Fig. 1. Runx2 promoter activity controls Runx2 mRNA accumulation prior to mitosis in MC3T3 osteoblasts.

Runx2 protein and mRNA levels as well as Runx2 gene promoter activity were assessed during progression through the cell cycle in MC3T3-E1 osteoblasts to determine specific transition stages when Runx2 mRNA levels are modulated. Cells were synchronized by incubation for 24 h with mimosine to generate a late G₁ phase block. (A) Cells were then released from late G₁ phase arrest and stimulated to progress through the cell cycle by the addition of fresh culture medium without mimosine and harvested after 0, 6, 12, 18, 24, 30 and 36 h.

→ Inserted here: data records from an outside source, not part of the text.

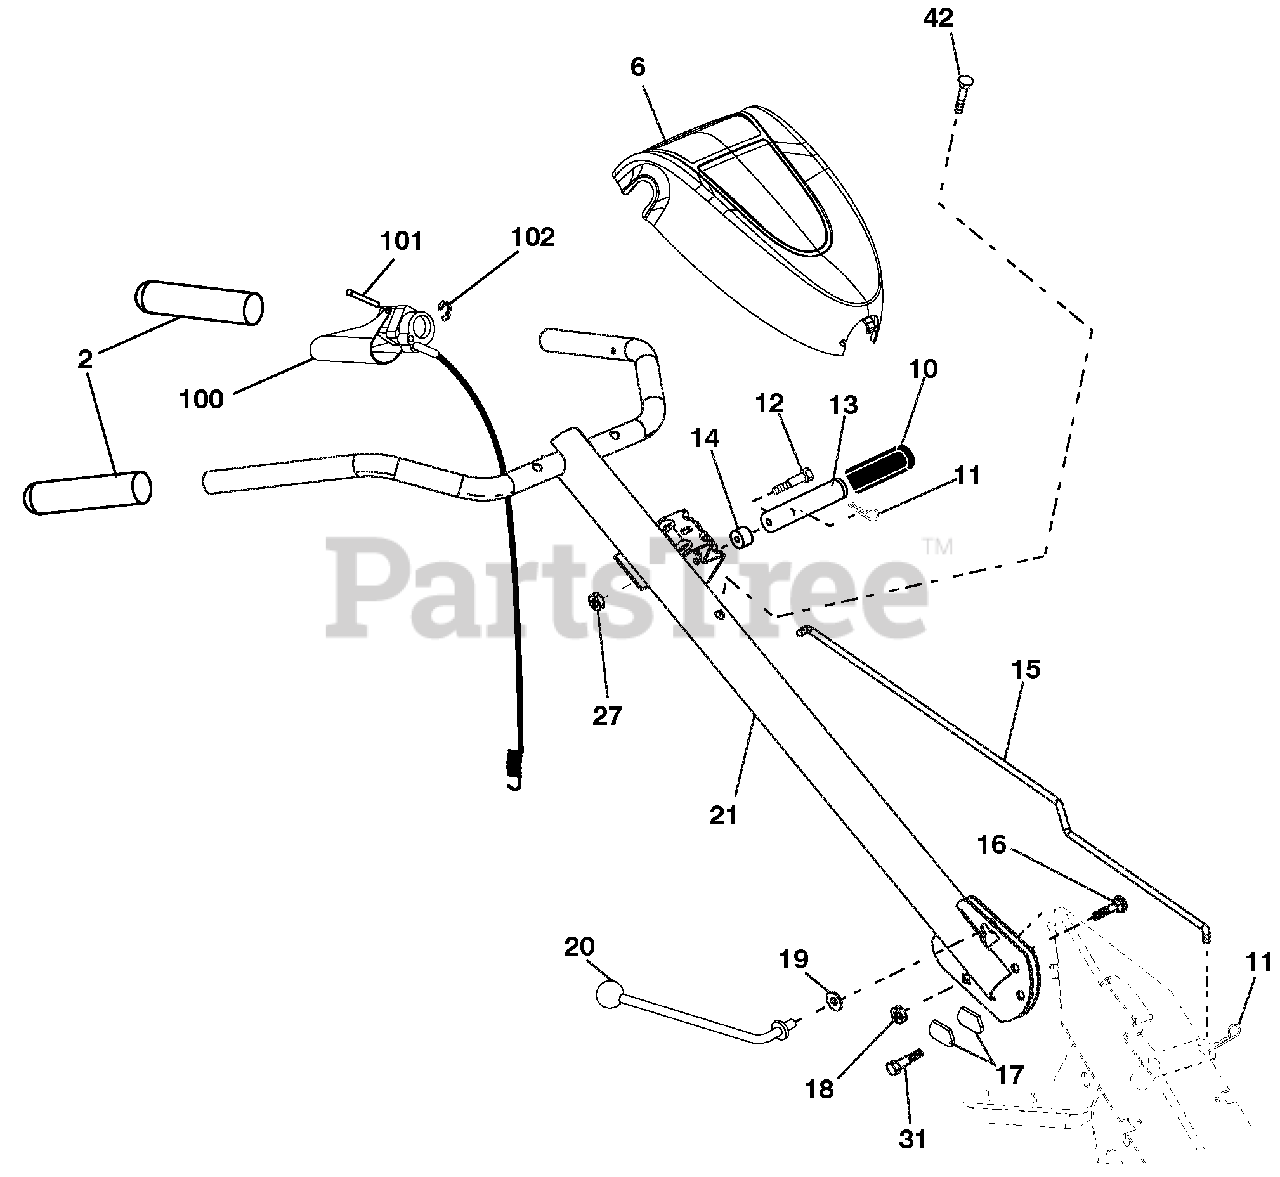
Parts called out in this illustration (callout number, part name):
2	GRIP, HANDLE
6	Console Control
10	Handle, Grip
11	Retainer Spring
12	Bolt, Shoulder
13	Handle, Shift
14	Grommet, Rubber
15	Rod, Shift
16	Bolt 3/8-16 x 1 Gr. 5
17	Lock, Handle
18	Nut, Hex Flange 1/4-20 unc
19	Washer 13/32 x 1 x 11 Ga.
20	Lever, Lock, Handle
21	Handle, Assemble
27	Nut, Hex, Crownlock 3/8-16
31	Bolt, Pivot
101	Pin, Pivot
102	Retaining Ring
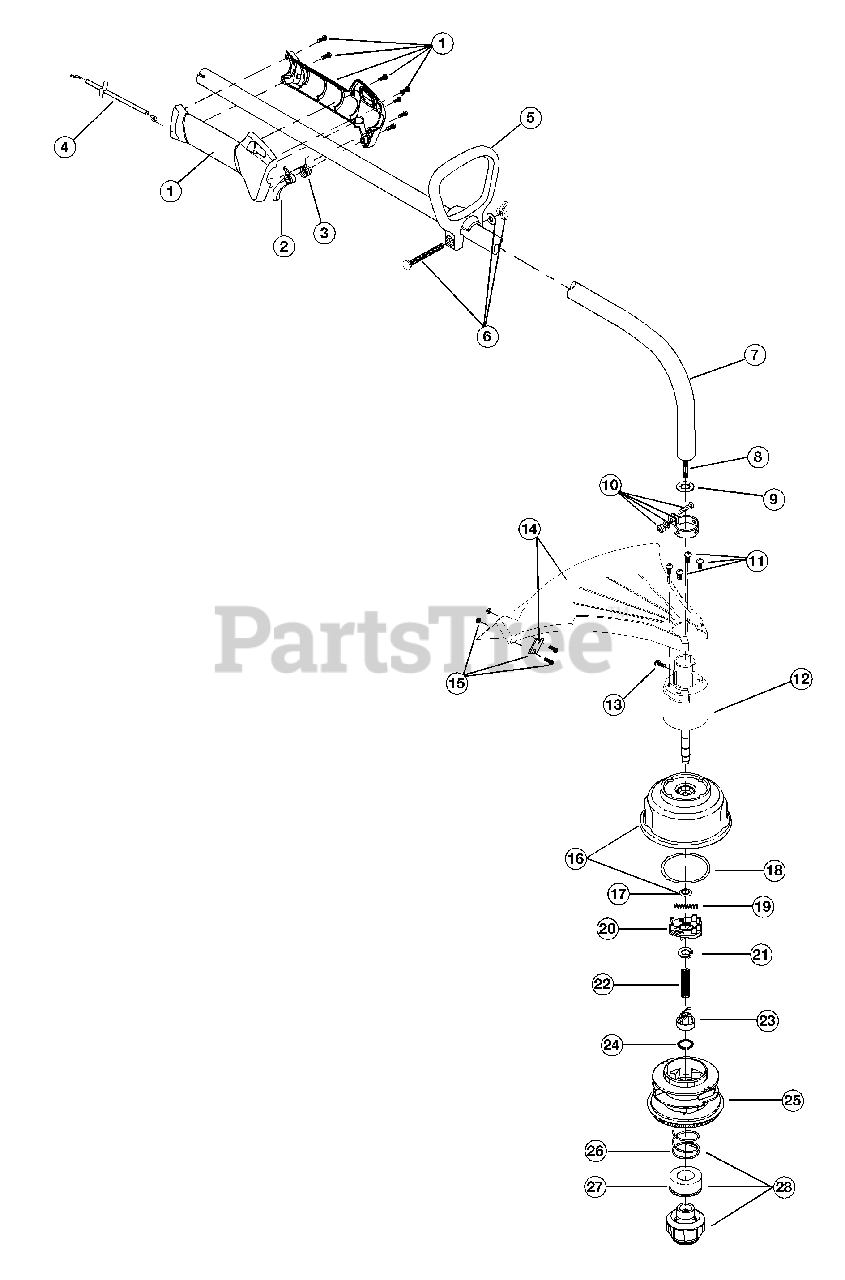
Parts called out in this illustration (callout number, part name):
1	Throttle Housing and Trigger Assembly
2	Throttle Trigger Spring
3	Throttle Trigger
4	Throttle Cable Assembly
5	D-Handle Assembly
6	D-Handle Hardware
7	Drive Shaft Housing Assembly
8	Flexible Drive Shaft
9	Palnut
10	Lower Clamp Assembly
11	Shield Mounting Screw
12	Bushing Housing Assembly
13	Anti-Rotation Screw
14	Shield and Blade Assembly
15	Blade Assembly
16	Outer Spool and Eyelet Assembly w/ Retainer
17	Retainer
18	Thrust Washer
19	Small Spring
20	Slider
23	Plunger
25	Inner Reel
26	Large Spring
27	Foam Seal
28	Bump Head Knob Assembly with Spring and Foam Seal
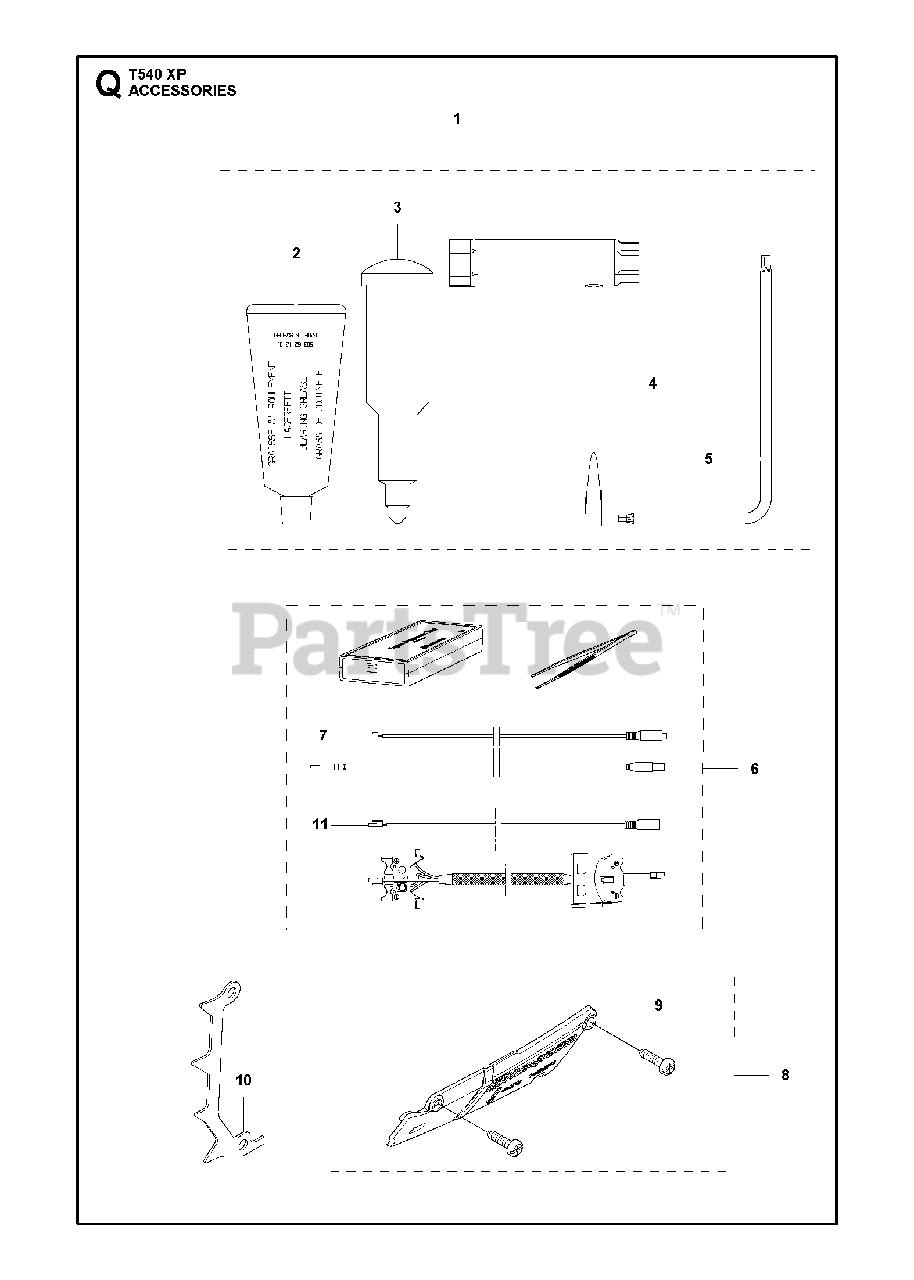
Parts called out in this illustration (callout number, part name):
2	GREASE
3	Grease Gun
4	COMBINATION WRENCH
6	DIAGNOSTIC TOOL KIT
7	CABLE ASSY
8	WINTER KIT
9	SCREW
11	CABLE ASSY
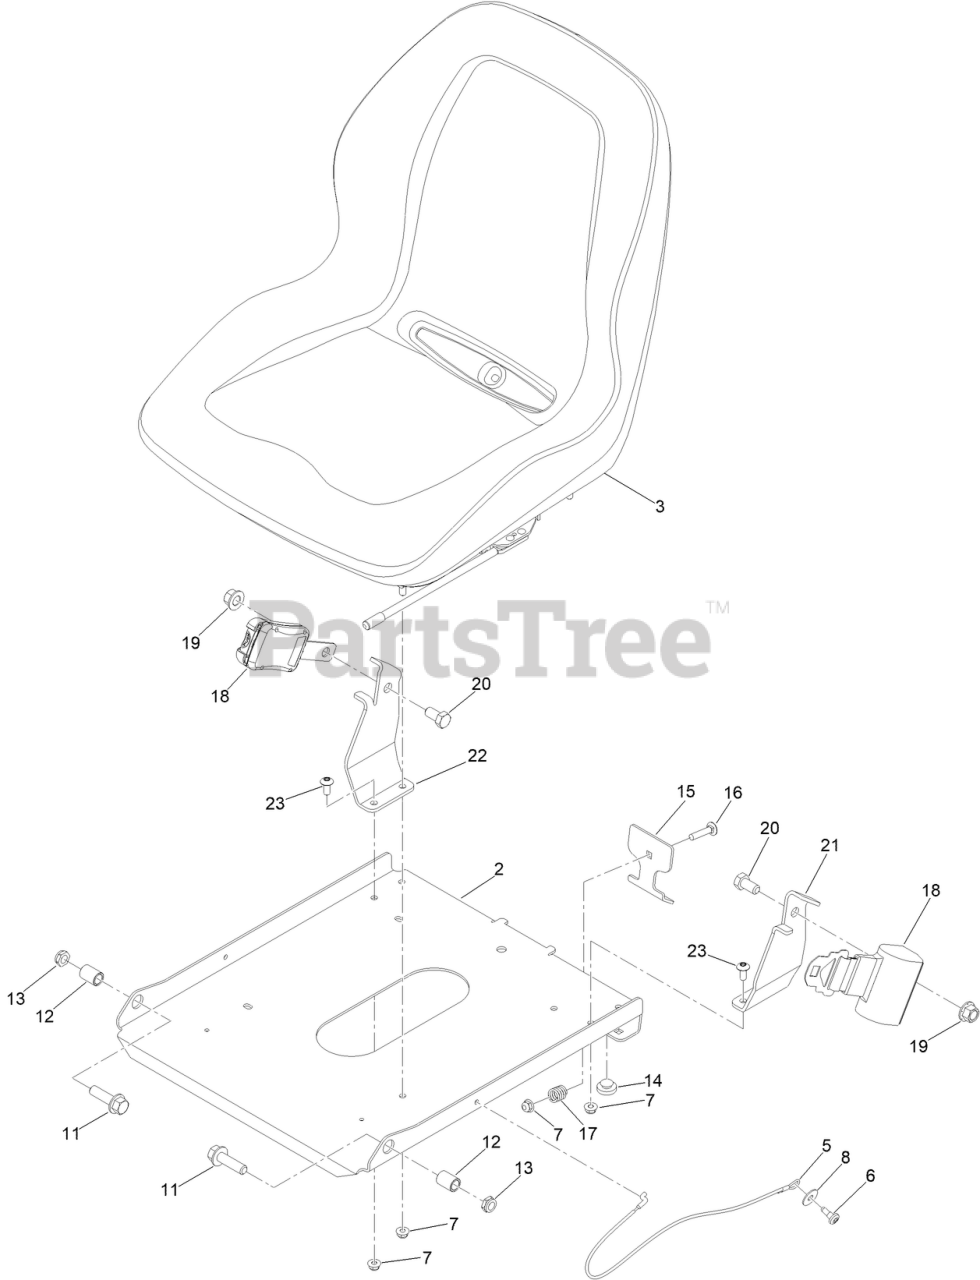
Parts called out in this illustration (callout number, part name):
2	PAN-SEAT, LOWERED
3	BUSHRANGER RT SEAT
5	CABLE-LANYARD
6	SCREW-SHOULDER
7	NUT-HF
8	WASHER-FLAT
11	SCREW-HHF
12	BUSHING-PIVOT, SEAT
13	NUT-HEX
14	BUMPER-SEAT
15	BRACKET-LATCH, SEAT
16	BOLT-CARR
17	SPRING-COMPRESSION
18	SEAT BELT KIT
19	NUT-HF
20	SCREW-HH
21	BRACKET-SEATBELT, LH
22	BRACKET-SEATBELT, RH
23	SCREW-TORX
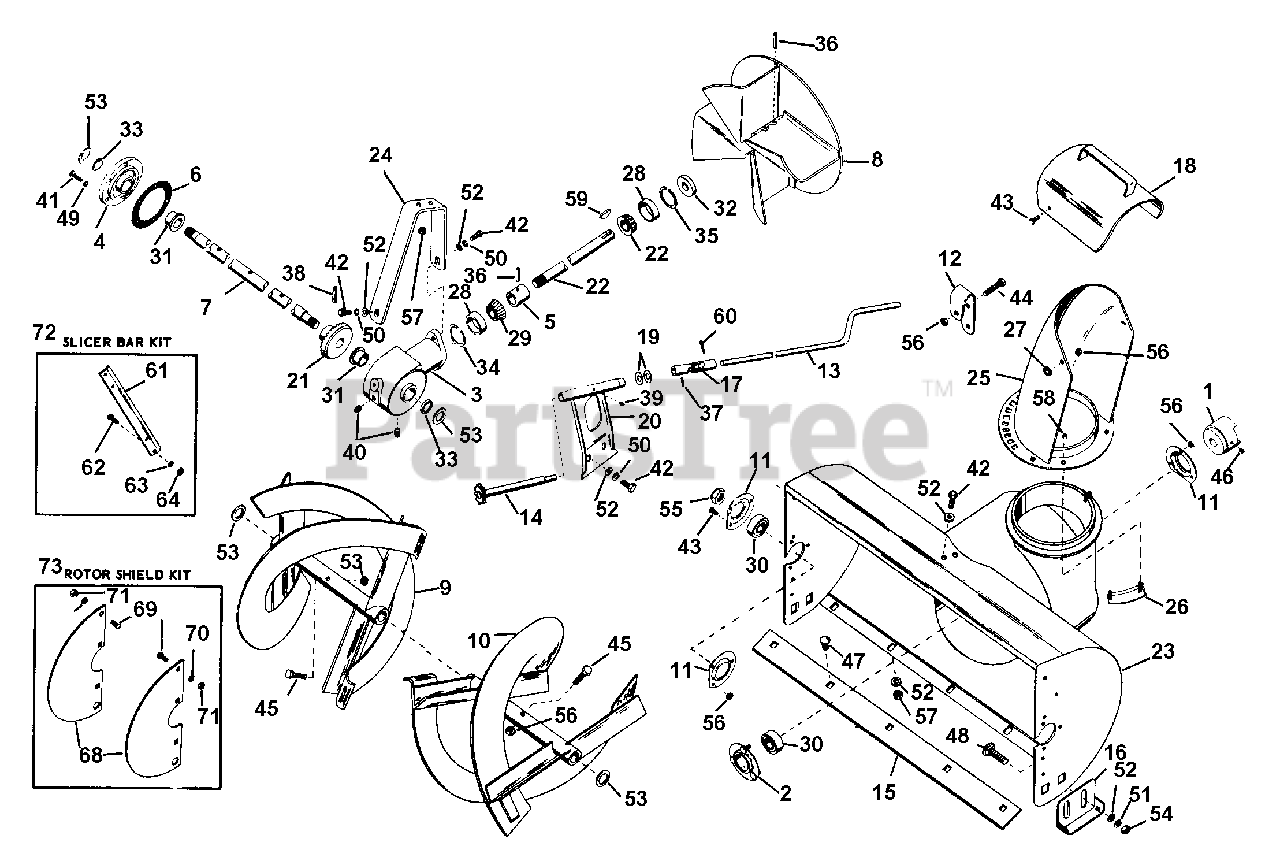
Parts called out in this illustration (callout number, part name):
1	TILLER DRIVING JAW
2	BEARING FLANGE
3	GEAR CS
4	FLNGE GEAR CS
5	BEARING SPACER
7	FRONT GEAR SHFT
9	R H RAKE
10	L H RAKE
11	BEARING FLANGE
12	ROD HANGAR
13	CHUTE CNTL CRANK
14	CONTROL SPROCKET
15	SCRAPER BLADE 24"
16	RUNNER
17	UNIVERSAL JOINT
18	DEFLECTOR
19	WAVE WASHER .515 X 1.00 X .125
20	CHUTE CNTL SPRT
21	HELICON GEAR
22	PINION
23	BLOW HSG
24	GEAR CS SPRT
25	DISCHARGE CHUTE
26	CHUTE CLAMP
27	RUBBER WASHER
28	BRG-CUP 1.781X.475
29	BRG-CONE .750X.61
30	BRG-BALL .750X1.750X.50
31	BSHG-FLG .875X1.125X.625X1.500
32	SEAL .750X1.781X.250
33	SEAL .875X1.125X.125
34	RG-RTNG INT 1.781 HSG X.062
35	SNAP RING KIT
36	PIN-ROLL .250X1.25
37	PIN-ROLL .125X1.00
38	PIN-ROLL .313X1.38
39	ZERK FITTING
40	PIPE PLUG
41	BLT-HEX .25-20X.75 PL GR2
42	BLT-HEX .31-18X.63 PL GR 2
43	BLT-HEX .31-18X.63 PL GR 2
44	BLT-HEX .38-16X1.25 PL GR 2
45	SHEAR BOLT & NUT SERVICE ASSEM
46	SCR-SET .38-16X.50 SKHCUP OH
47	BLT-RDHDSQSHNK .31-18X.50 YZ
48	BLT-RDHDSQNK .38-16X.75 SHT PL
49	WSHR-LK .250X.077 HVY PL
50	WSHR-LK .312X.097 PL HVY
51	WSHR-LK .375X.115 HVY PL
52	WSHR-FL-STL .38X.875X.083 PL
53	WSHR-FL-STL .531X1.062X.095 PL
54	NUT-JAM .375-16 PL
55	NUT-LK-CTR .75-16 PL
56	NUT-LK-CTR .250-20 PL
57	NUT-LK .312-18 GR A PL
58	NUT-KEPS 10-24 PL
59	KEY-WDRF .188X.875X.375 SAE11
60	PIN-COTR .09X.75 PL
61	CUTTER BAR
62	BLT-RDHDSQNK .31-18X.75 GR5 PL
63	WSHR-LK .312X.097 PL HVY
64	NUT-JAM .375-16 PL
69	BLT-RDHDSQNK .31-18X.75 GR5 PL
70	WSHR-LK .312X.097 PL HVY
71	NUT-JAM .375-16 PL
72	Slicer Bar Kit(Inc. 61,62,63,64)
73	Sno-Rotor Shield Kit(Inc. 68,69,70,71)
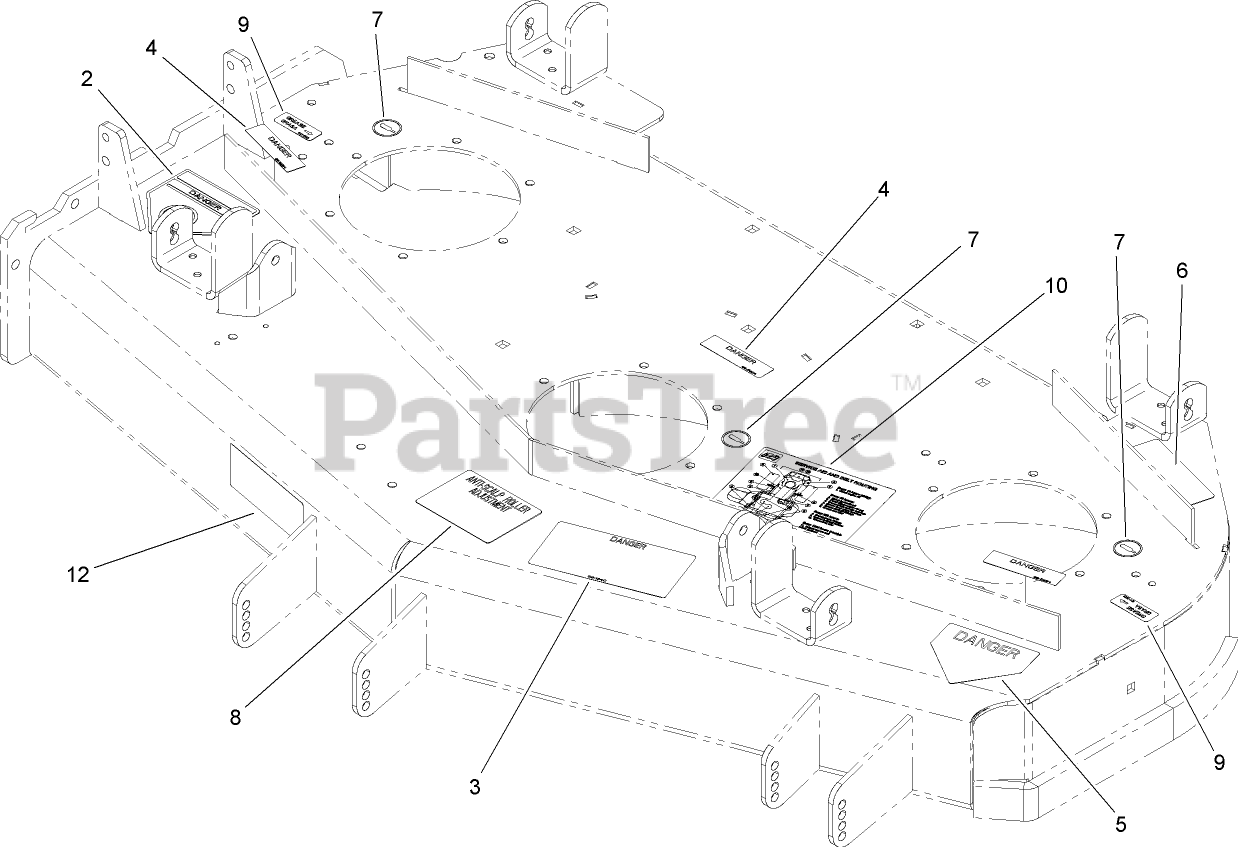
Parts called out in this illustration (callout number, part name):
2	DECAL-DANGER
3	DECAL-DANGER, THROWN OBJECT
4	DECAL-COVER, MISSING
5	DECAL-DANGER
6	DECAL-TORQUE
7	DECAL-GREASE
8	DECAL-SCALP, ANTI
9	Decal-Grease
10	DECAL-AID, SERVICE

Progression through successive cell cycle phases (G₁ late, S, G₂/M and G₁ early) was monitored by flow cytometry. (B) Graphic representation of cell cycle stage data presented in panel A. (C) Expression of cell cycle markers was evaluated by western blot analysis (cyclins D, A and Cdk4) and RT-PCR (cyclins D, E, A and B). (D) Cell cycle-dependent modulations in Runx2 protein and mRNA levels were assessed by western blot and RT-PCR. (E) Graphic representation of cell cycle-related changes in Runx2 protein (between: 0 h & 12 h, P = 0.017; 0 h & 24 h, P = 0.018) and mRNA levels (between: 0 h & 6 h, P = 0.049; 18 h & 24 h, P = 0.001; 24 h & 36 h, P = 0.014). Datapoints represent the averages and standard deviation of multiple experiments. Protein and mRNA values were normalized to actin and GAPDH, respectively. (F) Relative promoter activity of Runx2 promoter/luciferase reporter gene construct (mouse 0.6 kb/LUC) is shown. Luciferase values were normalized to SV40/Ranilla construct activity. Values are means of three single experiments. Cell cycle phases as determined by flow cytometry are indicated at the bottom of the gels and graphs.